I waited in my hotel room staring at myself in front of the mirror. I patted my dress a few times and did a side turn to make sure everything looked okay. Miles was in here earlier bugging me, just like all those times he sat in my room to simply 'bless me' with his presence. He cracked a few insults as i was getting ready but in the end, he kissed my cheek and said i looked, "Decent".  Brothers, can't live with them and they can't accidentally fall down a well. But It was nice having company besides my hair and makeup team. Dad was blubbering as he pulled me into the tightest hug but still, i couldn't understand him. Aunt Cherly had to drag him away. 

As for Noah, the last time i saw him is when we had dinner with his parents yesterday. Every day i was struggling to tell him that Bose and i kissed. I couldn't bare to think how hurt it would make him. To bury the guilt, i told myself that my kiss with Bose didn't mean anything, it was for a quick second. Also atoms never touch each other and since we're made of atoms we've never touched anything in our entire lives, so no I didn't really kiss Bose. I was saying that stupid thing Miles always said when we were younger and he would pull my hair and i would run to our parents crying. But unfortunately for me, i couldn't run to Mommy and Daddy anymore.

I was a horrible person. I was letting down the person i loved the most once again. Noah deserved so much better. I had to be the world's saddest bride. I wondered if Bose was coming today, frankly, i think it'd be best if he didn't. It would be too much for me.

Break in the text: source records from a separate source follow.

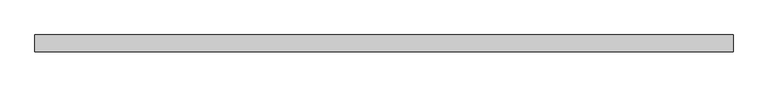
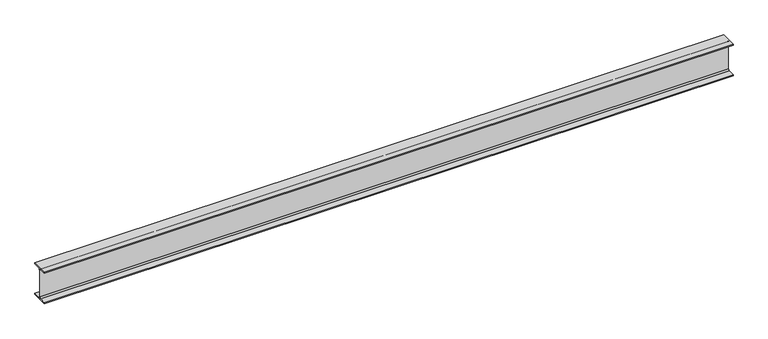
"""IFC4 building model written with IfcOpenShell, lengths in millimetres: beam geometry, 0912_Steel Framing_H-KSD3502 : H_SB_ASB_H-400x200x8x13."""

from ifc_helpers import new_model, si_unit, point, frame, frame_2d, origin, place, context, project, spatial, polyline, circle_curve, trimmed, segment, composite_curve, outline, extrude, source, transform, mapped, element, save


def beam_a7978027(model_context):
    return source(origin(), model_context, "Body", "SweptSolid", [
        extrude(outline(composite_curve([segment(polyline([(100.0, -187.0), (100.0, -200.0), (-100.0, -200.0), (-100.0, -187.0), (-20.0, -187.0)]), True, "CONTINUOUS"), segment(trimmed(circle_curve(frame_2d((-20.0, -171.0)), 16.0), [point((-20.0, -187.0))], [point((-4.0, -171.0))], True, "CARTESIAN"), True, "CONTINUOUS"), segment(polyline([(-4.0, -171.0), (-4.0, 171.0)]), True, "CONTINUOUS"), segment(trimmed(circle_curve(frame_2d((-20.0, 171.0)), 16.0), [point((-4.0, 171.0))], [point((-20.0, 187.0))], True, "CARTESIAN"), True, "CONTINUOUS"), segment(polyline([(-20.0, 187.0), (-100.0, 187.0), (-100.0, 200.0), (100.0, 200.0), (100.0, 187.0), (20.0, 187.0)]), True, "CONTINUOUS"), segment(trimmed(circle_curve(frame_2d((20.0, 171.0)), 16.0), [point((20.0, 187.0))], [point((4.0, 171.0))], True, "CARTESIAN"), True, "CONTINUOUS"), segment(polyline([(4.0, 171.0), (4.0, -171.0)]), True, "CONTINUOUS"), segment(trimmed(circle_curve(frame_2d((20.0, -171.0)), 16.0), [point((4.0, -171.0))], [point((20.0, -187.0))], True, "CARTESIAN"), True, "CONTINUOUS"), segment(polyline([(20.0, -187.0), (100.0, -187.0)]), True, "CONTINUOUS")], self_intersect=False)), frame((-4154.8, 0.0, 0.0), z_axis=(1.0, 0.0, 0.0), x_axis=(0.0, 1.0, 0.0)), (0.0, 0.0, 1.0), 8309.6),
    ])


if __name__ == "__main__":
    model = new_model("IFC4")
    model_context = context("Model", 3, world=origin())
    ifc_project = project(units=[si_unit("LENGTHUNIT", "METRE", prefix="MILLI")], contexts=[model_context])
    site = spatial("IfcSite", under=ifc_project)
    building = spatial("IfcBuilding", under=site)
    placement = place(None, origin())
    beam_shape = beam_a7978027(model_context)
    element("IfcBeam", 1, ObjectType="0912_Steel Framing_H-KSD3502 : H_SB_ASB_H-400x200x8x13", at=placement, inside=building, context=model_context, shape_type="MappedRepresentation", body=[
        mapped(beam_shape, transform((0.0, 0.0, 0.0), x_axis=(1.0, 0.0, 0.0), y_axis=(0.0, 1.0, 0.0), z_axis=(0.0, 0.0, 1.0))),
    ])
    save(model, "model.ifc")

# Revit data of these elements
# Type "0912_Steel Framing_H-KSD3502 : H_SB_ASB_H-400x200x8x13"
#   H_WM Code_1 = "S01AA002-00001 | Main Steel Structure Fabrication Work | Shelter/Building | Medium Steel - Standard (90KG/M>Weight≥30KG/M) | Material: (   )"
#   H_WM Code_2 = "S03AA028-00001 | Main Steel Structure Erection Work | Shelter/Building | Medium Steel (90KG/M>Weight≥30KG/M) | Material: (   )"
#   H_WM Code_3 = "S01AA010-00001 | Main Steel Structure Fabrication Work | Shelter/Building | Steel Painting/Coating | for Non-Fireproofed Steel Surface, Surface Preparation, Primer, Second & Final Coat | Material: (   )"
#   H_Q'ty Cal Type Tag = "SB-Q2"
#   Width = 20.0 cm
#   Web Thickness = 0.8 cm
#   Web Fillet = 1.6 cm
#   Warping Constant = 649000.0 cm⁶
#   W = 0
#   Torsional Moment of Inertia = 35.8981 cm⁴
#   Section Area = 84.12 cm²
#   Plastic Modulus weak axis = 268.0 cm³
#   Plastic Modulus strong axis = 1330.0 cm³
#   Perimeter = 1.56 m²/m
#   Nominal Weight = 66.00 kgf/m
#   Moment of Inertia weak axis = 1740.00 cm⁴
#   Moment of Inertia strong axis = 23700.00 cm⁴
#   Height = 40.0 cm
#   Flange Thickness = 1.3 cm
#   Elastic Modulus weak axis = 174.0 cm³
#   Elastic Modulus strong axis = 1190.0 cm³
#   Centroid Vertical = 20.0 cm
#   Centroid Horizontal = 10.0 cm
#   Ix = 237000000
#   Length [instance default] = 1.5240 m
#   Zx = 1330000
#   b = 0.2000 m
#   h = 0.4000 m
#   r = 0.0160 m
#   s = 0.0080 m
#   t = 0.0130 m
#   A = 0.008412 m²
#   Structural Material [instance default] = Steel, 45-345
#   Assembly Code = ""
# Element 1 (IfcBeam, "0912_Steel Framing_H-KSD3502 : H_SB_ASB_H-400x200x8x13")
#   Structural Material = none
# Materials
#   "Steel, 45-345": class "Metal", colour RGB 189 187 185, transparency 0, Description = "Steel 345 MPa", Cost = 0
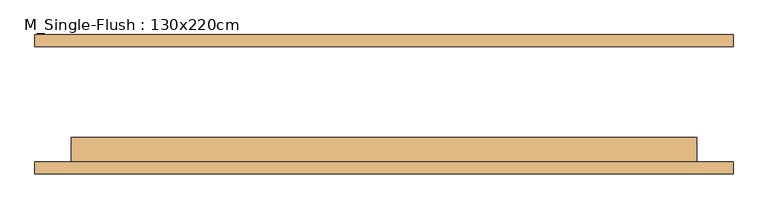
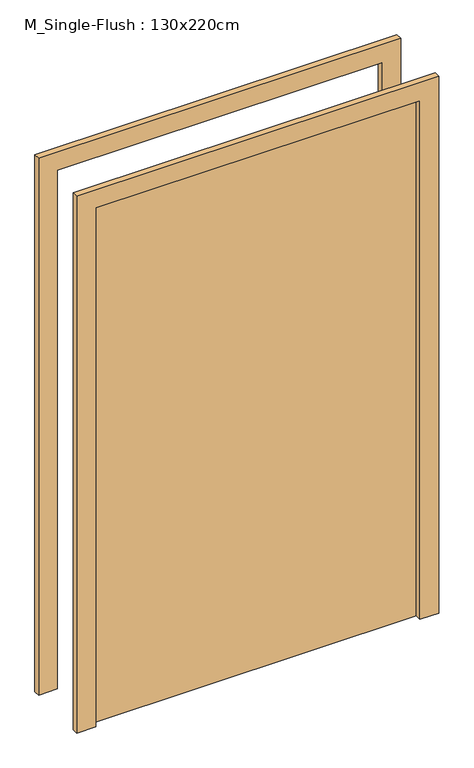
"""IFC4 building model written with IfcOpenShell, lengths in millimetres: door geometry, M_Single-Flush : 130x220cm."""

from ifc_helpers import new_model, si_unit, frame, origin, origin_with_axes, place, context, project, spatial, polyline, outline, extrude, source, transform, mapped, element, save


def m_single_flush_130x220cm_99d74091(model_context):
    return source(origin(), model_context, "Body", "SweptSolid", [
        extrude(outline(polyline([(2276.0, -726.0), (0.0, -726.0), (0.0, -650.0), (2200.0, -650.0), (2200.0, 650.0), (0.0, 650.0), (0.0, 726.0), (2276.0, 726.0), (2276.0, -726.0)])), frame((0.0, -145.0, 0.0), z_axis=(0.0, 1.0, 0.0), x_axis=(0.0, 0.0, 1.0)), (0.0, 0.0, 1.0), 25.0),
        extrude(outline(polyline([(2276.0, 726.0), (2276.0, -726.0), (0.0, -726.0), (0.0, -650.0), (2200.0, -650.0), (2200.0, 650.0), (0.0, 650.0), (0.0, 726.0), (2276.0, 726.0)])), frame((0.0, 120.0, 0.0), z_axis=(0.0, 1.0, 0.0), x_axis=(0.0, 0.0, 1.0)), (0.0, 0.0, 1.0), 25.0),
        extrude(outline(polyline([(650.0, -69.0), (650.0, -120.0), (-650.0, -120.0), (-650.0, -69.0), (650.0, -69.0)])), origin_with_axes(), (0.0, 0.0, 1.0), 2200.0),
    ])


if __name__ == "__main__":
    model = new_model("IFC4")
    model_context = context("Model", 3, world=origin())
    ifc_project = project(units=[si_unit("LENGTHUNIT", "METRE", prefix="MILLI")], contexts=[model_context])
    site = spatial("IfcSite", under=ifc_project)
    building = spatial("IfcBuilding", under=site)
    placement = place(None, origin())
    m_single_flush_130x220cm_shape = m_single_flush_130x220cm_99d74091(model_context)
    element("IfcDoor", 1, ObjectType="M_Single-Flush : 130x220cm", at=placement, inside=building, context=model_context, shape_type="MappedRepresentation", body=[
        mapped(m_single_flush_130x220cm_shape, transform((0.0, 0.0, 0.0), x_axis=(1.0, 0.0, 0.0), y_axis=(0.0, 1.0, 0.0), z_axis=(0.0, 0.0, 1.0))),
    ])
    save(model, "model.ifc")

# Revit data of these elements
# Type "M_Single-Flush : 130x220cm"
#   Type Mark = "46"
#   Construction Type Id = "MDOOR"
#   Analytic Construction = "Metal"
#   Thickness = 5.10 cm
#   Heat Transfer Coefficient (U) = 3.7021 W/(m²·K)
#   Height = 220.00 cm
#   Trim Projection Ext = 2.50 cm
#   Trim Projection Int = 2.50 cm
#   Trim Width = 7.60 cm
#   Width = 130.00 cm
#   Define Thermal Properties by = 1
#   Door Material = Door - Panel
#   Frame Material = Door - Frame
#   Visual Light Transmittance = 0
#   Solar Heat Gain Coefficient = 0
#   Function = (empty or 0)
#   Wall Closure = (empty or 0)
# Element 1 (IfcDoor, "M_Single-Flush : 130x220cm")
#   Materials on its faces: "Door - Frame", "Door - Panel"
# Materials
#   "Door - Panel": class "Wood", colour RGB 210 159 95, transparency 0, Cost = 0
#   "Door - Frame": class "Miscellaneous", colour RGB 118 70 51, transparency 0, Cost = 0

Bose and i could never be just friends, but we also could never be together. So much has happened and we were back to square one. We'd only end up hurting each other again. But wasn't it worse because we were also hurting other partners we would let into our lives, knowing we'd never love them like we loved each other. I'd never love Noah like i love Bose, i admit that, yet i would have to learn. Just because i didn't love him like Bose doesn't mean i didn't love him at all. I looked away from myself when i saw how miserable i looked, i couldn't risk crying, even though it's what i wanted to do most.

I stood up careful not to step on my dress and walk over to the nightstand reaching into my purse for my phone. I needed to find anything that reminded me of why i was marrying Noah and told me i was making the right decision. Turns out Noah had texted me.

N: I know I'm not supposed to be in contact with you the day of until the ceremony but I'm very nervous because i know you're going to look phenomenal.

I felt less anxious reading his message and a small smile appeared on my face. When Noah and i met i was at a very low point, feelings-wise, yet he managed to be the first person that made me truly smile again. For a long time, he was the only person in color to me. 

But i still betrayed him

M: I kissed Bose....

I started to type and my finger hovered over the sent button. It was guilt eating at me again, however i untyped it and wrote. 'I love you' with a red heart, instead.

I closed the app and started scrolling through my photos again when i heard the door open, I didn't look up because i assumed it was just Chapa or my Mom coming to check up on me. 

"Wow..." I heard an awh whispered. When i recognized the voice i felt my blood run cold. I quickly snapped my head up and saw Bose at the door, suit and tie, starting at me in utter admiration.